While most newly developed Toyota models come with free Apple CarPlay integrated into even base infotainment systems, if you want this convenient technology on the Supra, the base $49,990 (plus $930 delivery) model won’t cut it. You’ll have to step up to a Premium ($53,990) or Launch Edition ($55,250) trim in order to get the upgraded Supra Command system featuring an 8.8-inch screen — the base 6.5-inch unit does without the phone-mirroring functionality.
Toyota’s four-year initial free period is at least substantially more generous than BMW, which previously charged a one-time option fee for the technology and now gives a one-year complimentary period followed by an $80 annual subscription fee on some of its models.
One other potentially unanticipated consequence of going with BMW’s pay-to-CarPlay subscription model?
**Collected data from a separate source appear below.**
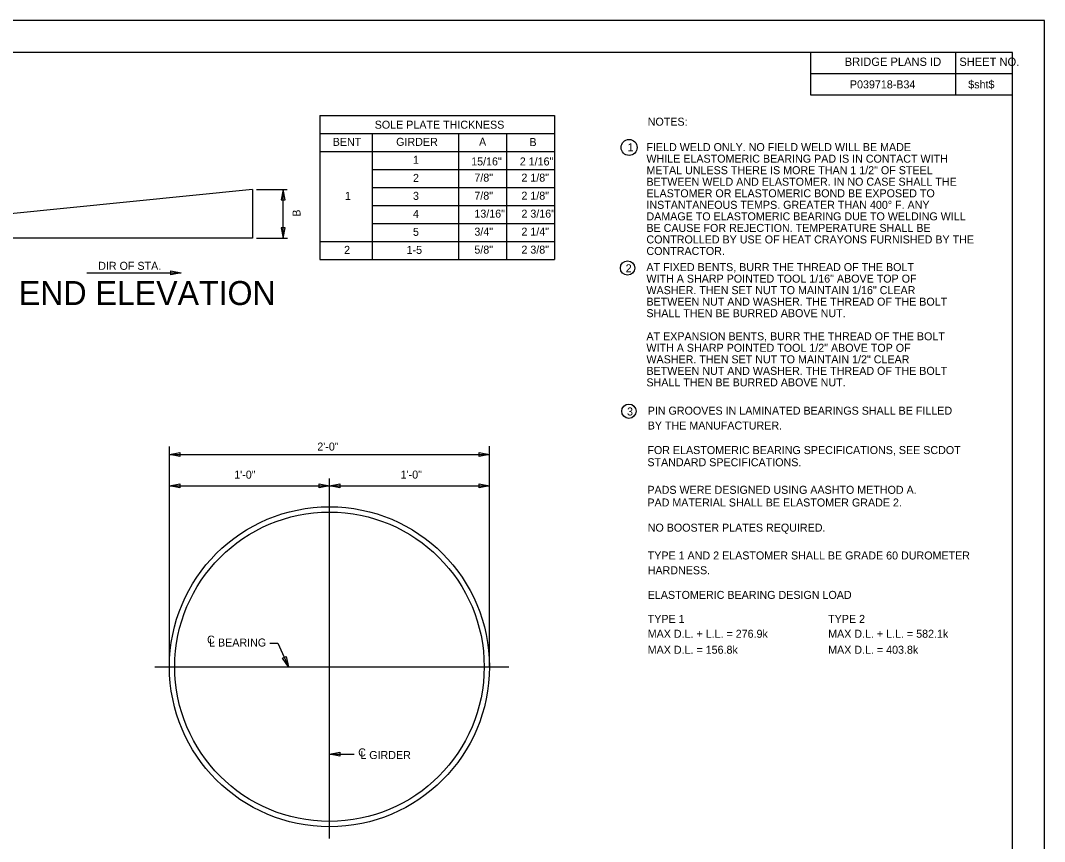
# Model space of a CAD drawing. Extents: x -125.5 to -89.4, y -5.1 to 16.9.
# Drawn here: x -105.53 to -89.53, y 4.11 to 16.93 of the extents above; entities that cross this region are included whole.
import ezdxf

# ---------------------------------------------------------------- set-up
doc = ezdxf.new("R2010")
doc.units = 0
for name, color, linetype in [('BR_AUTO DIMENSION', 7, 'Continuous'), ('BR_BORDER LINES', 7, 'Continuous'), ('BR_CENTER LINES', 7, 'Continuous'), ('BR_STRUCTURAL STEEL', 7, 'Continuous'), ('BR_TABLE LINES', 7, 'Continuous'), ('BR_TEXT', 7, 'Continuous'), ('Level 31', 7, 'Continuous')]:
    doc.layers.add(name, color=color, linetype=linetype)

msp = doc.modelspace()

# ---------------------------------------------------------------- linework, layer by layer
at = {"layer": 'BR_AUTO DIMENSION'}
for p, q in [((-101.846, 14.295), (-101.364, 14.295)), ((-101.427, 13.53), (-101.427, 14.295)), ((-101.846, 13.53), (-101.358, 13.53)), ((-104.495, 12.991), (-103.02, 12.991)), ((-103.204, 8.349), (-103.204, 10.278)), ((-98.204, 8.349), (-98.204, 10.283)), ((-103.204, 10.151), (-98.204, 10.151)), ((-103.204, 9.661), (-98.204, 9.661)), ((-103.204, 6.836), (-103.204, 8.77)), ((-98.204, 6.836), (-98.204, 8.77)), ((-101.638, 7.207), (-101.513, 7.207)), ((-101.513, 7.207), (-101.344, 6.836)), ((-100.706, 5.469), (-100.316, 5.469))]:
    msp.add_line(p, q, dxfattribs=at)
for points in [[(-101.396, 14.132), (-101.427, 14.295), (-101.458, 14.132)], [(-101.458, 13.693), (-101.427, 13.53), (-101.396, 13.693)], [(-103.183, 13.022), (-103.02, 12.991), (-103.183, 12.96)], [(-103.042, 10.12), (-103.204, 10.151), (-103.042, 10.182)], [(-98.367, 10.182), (-98.204, 10.151), (-98.367, 10.12)], [(-103.042, 9.63), (-103.204, 9.661), (-103.042, 9.693)], [(-100.867, 9.693), (-100.704, 9.661), (-100.867, 9.63)], [(-100.542, 9.63), (-100.704, 9.661), (-100.542, 9.693)], [(-98.367, 9.693), (-98.204, 9.661), (-98.367, 9.63)], [(-101.383, 6.996), (-101.344, 6.836), (-101.44, 6.971)], [(-100.543, 5.438), (-100.706, 5.469), (-100.543, 5.501)]]:
    msp.add_lwpolyline(points, close=True, dxfattribs=at)
for centre, radius in [((-96.023, 14.95), 0.125), ((-96.047, 13.066), 0.112), ((-96.026, 10.829), 0.112)]:
    msp.add_circle(centre, radius, dxfattribs=at)
at = {"layer": 'BR_BORDER LINES'}
for p, q in [((-90.033, 16.434), (-123.699, 16.434)), ((-93.186, 15.767), (-93.186, 16.434)), ((-90.919, 15.767), (-90.919, 16.434)), ((-90.033, -4.566), (-90.033, 16.434)), ((-93.186, 16.104), (-90.033, 16.104)), ((-90.919, 16.104), (-90.033, 16.104)), ((-90.033, 15.767), (-93.186, 15.767))]:
    msp.add_line(p, q, dxfattribs=at)
at = {"layer": 'BR_CENTER LINES'}
for p, q in [((-100.704, 4.152), (-100.704, 9.777)), ((-103.432, 6.836), (-97.902, 6.836))]:
    msp.add_line(p, q, dxfattribs=at)
at = {"layer": 'BR_STRUCTURAL STEEL'}
for p, q in [((-101.906, 14.291), (-105.739, 13.91)), ((-101.906, 14.291), (-101.906, 13.91)), ((-101.906, 13.91), (-101.906, 13.53)), ((-101.906, 13.53), (-105.739, 13.53))]:
    msp.add_line(p, q, dxfattribs=at)
for radius in [2.5, 2.417]:
    msp.add_circle((-100.704, 6.836), radius, dxfattribs=at)
at = {"layer": 'BR_TABLE LINES'}
for p, q in [((-100.856, 15.449), (-97.19, 15.449)), ((-100.856, 15.449), (-100.856, 13.199)), ((-97.19, 15.449), (-97.19, 13.199)), ((-100.856, 15.168), (-97.19, 15.168)), ((-100.036, 15.168), (-100.036, 13.199)), ((-98.69, 15.168), (-98.69, 13.199)), ((-97.94, 15.168), (-97.94, 13.199)), ((-100.856, 14.887), (-97.19, 14.887)), ((-100.036, 14.606), (-97.19, 14.606)), ((-100.036, 14.324), (-97.19, 14.324)), ((-100.036, 14.043), (-97.19, 14.043)), ((-100.036, 13.762), (-97.19, 13.762)), ((-100.856, 13.481), (-97.19, 13.481)), ((-100.856, 13.199), (-97.19, 13.199))]:
    msp.add_line(p, q, dxfattribs=at)
at = {"layer": 'Level 31'}
msp.add_line((-89.533, 16.934), (-125.533, 16.934), dxfattribs=at)
msp.add_lwpolyline([(-125.533, 16.934), (-125.533, -5.066), (-89.533, -5.066), (-89.533, 16.934)], dxfattribs=at)

# ---------------------------------------------------------------- texts
at = {"layer": 'BR_TEXT'}
for s, height, p in [('BRIDGE PLANS ID', 0.13, (-92.654, 16.224)), ('SHEET NO.', 0.13, (-90.864, 16.224)), ('P039718-B34', 0.125, (-92.573, 15.873)), ('$sht$', 0.125, (-90.724, 15.873)), ('SOLE PLATE THICKNESS', 0.125, (-99.997, 15.243)), ('NOTES:', 0.125, (-95.732, 15.29)), ('BENT', 0.125, (-100.653, 14.975)), ('GIRDER', 0.125, (-99.662, 14.975)), ('A', 0.125, (-98.367, 14.976)), ('B', 0.125, (-97.58, 14.972)), ('1', 0.125, (-96.047, 14.89)), ('FIELD WELD ONLY. NO FIELD WELD WILL BE MADE ', 0.125, (-95.752, 14.893)), ('1', 0.125, (-99.399, 14.694)), ('15/16"', 0.125, (-98.49, 14.669)), ('2 1/16"', 0.125, (-97.731, 14.669)), ('WHILE ELASTOMERIC BEARING PAD IS IN CONTACT WITH ', 0.125, (-95.752, 14.712)), ('METAL UNLESS THERE IS MORE THAN 1 1/2" OF STEEL ', 0.125, (-95.752, 14.532)), ('2', 0.125, (-99.399, 14.412)), ('7/8"', 0.125, (-98.44, 14.416)), ('2 1/8"', 0.125, (-97.705, 14.416)), ('BETWEEN WELD AND ELASTOMER. IN NO CASE SHALL THE ', 0.125, (-95.752, 14.352)), ('1', 0.125, (-100.463, 14.131)), ('3', 0.125, (-99.399, 14.131)), ('7/8"', 0.125, (-98.44, 14.134)), ('2 1/8"', 0.125, (-97.705, 14.134)), ('ELASTOMER OR ELASTOMERIC BOND BE EXPOSED TO ', 0.125, (-95.752, 14.171)), ('INSTANTANEOUS TEMPS. GREATER THAN 400%%d F. ANY ', 0.125, (-95.752, 13.991)), ('4', 0.125, (-99.399, 13.85)), ('13/16"', 0.125, (-98.44, 13.853)), ('2 3/16"', 0.125, (-97.705, 13.853)), ('DAMAGE TO ELASTOMERIC BEARING DUE TO WELDING WILL ', 0.125, (-95.752, 13.811)), ('5', 0.125, (-99.399, 13.569)), ('3/4"', 0.125, (-98.44, 13.572)), ('2 1/4"', 0.125, (-97.705, 13.572)), ('BE CAUSE FOR REJECTION. TEMPERATURE SHALL BE ', 0.125, (-95.752, 13.63)), ('CONTROLLED BY USE OF HEAT CRAYONS FURNISHED BY THE ', 0.125, (-95.752, 13.45)), ('2', 0.125, (-100.475, 13.287)), ('1-5', 0.125, (-99.499, 13.287)), ('5/8"', 0.125, (-98.44, 13.291)), ('2 3/8"', 0.125, (-97.705, 13.291)), ('CONTRACTOR.', 0.125, (-95.752, 13.27)), ('DIR OF STA.', 0.125, (-104.317, 13.038)), ('2', 0.125, (-96.076, 12.999)), ('AT FIXED BENTS, BURR THE THREAD OF THE BOLT', 0.125, (-95.752, 13.018)), ('WITH A SHARP POINTED TOOL 1/16" ABOVE TOP OF', 0.125, (-95.752, 12.838)), ('END ELEVATION', 0.375, (-105.557, 12.488)), ('WASHER. THEN SET NUT TO MAINTAIN 1/16" CLEAR', 0.125, (-95.752, 12.658)), ('BETWEEN NUT AND WASHER. THE THREAD OF THE BOLT', 0.125, (-95.752, 12.478)), ('SHALL THEN BE BURRED ABOVE NUT.', 0.125, (-95.752, 12.298)), ('AT EXPANSION BENTS, BURR THE THREAD OF THE BOLT', 0.125, (-95.752, 11.937)), ('WITH A SHARP POINTED TOOL 1/2" ABOVE TOP OF', 0.125, (-95.752, 11.757)), ('WASHER. THEN SET NUT TO MAINTAIN 1/2" CLEAR', 0.125, (-95.752, 11.577)), ('BETWEEN NUT AND WASHER. THE THREAD OF THE BOLT', 0.125, (-95.752, 11.397)), ('SHALL THEN BE BURRED ABOVE NUT.', 0.125, (-95.752, 11.217)), ('3', 0.125, (-96.055, 10.762)), ('PIN GROOVES IN LAMINATED BEARINGS SHALL BE FILLED', 0.125, (-95.732, 10.775)), ('BY THE MANUFACTURER.', 0.125, (-95.732, 10.543)), ('2\'-0"', 0.125, (-100.894, 10.214)), ('FOR ELASTOMERIC BEARING SPECIFICATIONS, SEE SCDOT', 0.125, (-95.737, 10.159)), ('STANDARD SPECIFICATIONS.', 0.125, (-95.737, 9.969)), ('1\'-0"', 0.125, (-102.192, 9.775)), ('1\'-0"', 0.125, (-99.592, 9.776)), ('PADS WERE DESIGNED USING AASHTO METHOD A.', 0.125, (-95.737, 9.538)), ('PAD MATERIAL SHALL BE ELASTOMER GRADE 2.', 0.125, (-95.737, 9.34)), ('NO BOOSTER PLATES REQUIRED.', 0.125, (-95.732, 8.947)), ('TYPE 1 AND 2 ELASTOMER SHALL BE GRADE 60 DUROMETER', 0.125, (-95.732, 8.512)), ('HARDNESS.', 0.125, (-95.732, 8.281)), ('ELASTOMERIC BEARING DESIGN LOAD', 0.125, (-95.732, 7.896)), ('TYPE 1', 0.125, (-95.732, 7.521)), ('TYPE 2', 0.125, (-92.913, 7.521)), ('MAX D.L. + L.L. = 276.9k', 0.125, (-95.732, 7.289)), ('MAX D.L. + L.L. = 582.1k', 0.125, (-92.913, 7.289)), ('MAX D.L. = 156.8k', 0.125, (-95.732, 7.039)), ('MAX D.L. = 403.8k', 0.125, (-92.913, 7.039)), ('C', 0.125, (-100.255, 5.435)), ('L GIRDER', 0.125, (-100.222, 5.394))]:
    msp.add_text(s, height=height, dxfattribs=at).set_placement(p)
for s, rotation, p in [('B', 90, (-101.156, 13.868)), ('C', 360, (-102.616, 7.197)), ('L BEARING', 360, (-102.585, 7.152))]:
    msp.add_text(s, height=0.125, rotation=rotation, dxfattribs=at).set_placement(p)

doc.saveas('drawing.dxf')

The Supra’s system may be vulnerable to outages. Back in May, an issue with BMW’s ConnectedDrive telematics services caused Apple CarPlay compatibility to temporarily disappear in select BMW vehicles. According to BMW officials, a server migration issue was to blame for the brief problem. Roadshow has reached out to Toyota for clarification and will update this story if more information becomes available.
Like today’s BMW range, the Supra does not offer Android Auto. Toyota has begun introducing Google’s equivalent smartphone-mirroring tech on select 2020 model-year vehicles in the US and Canada, including its 4Runner, Sequoia, Tacoma and Tundra trucks and SUVs.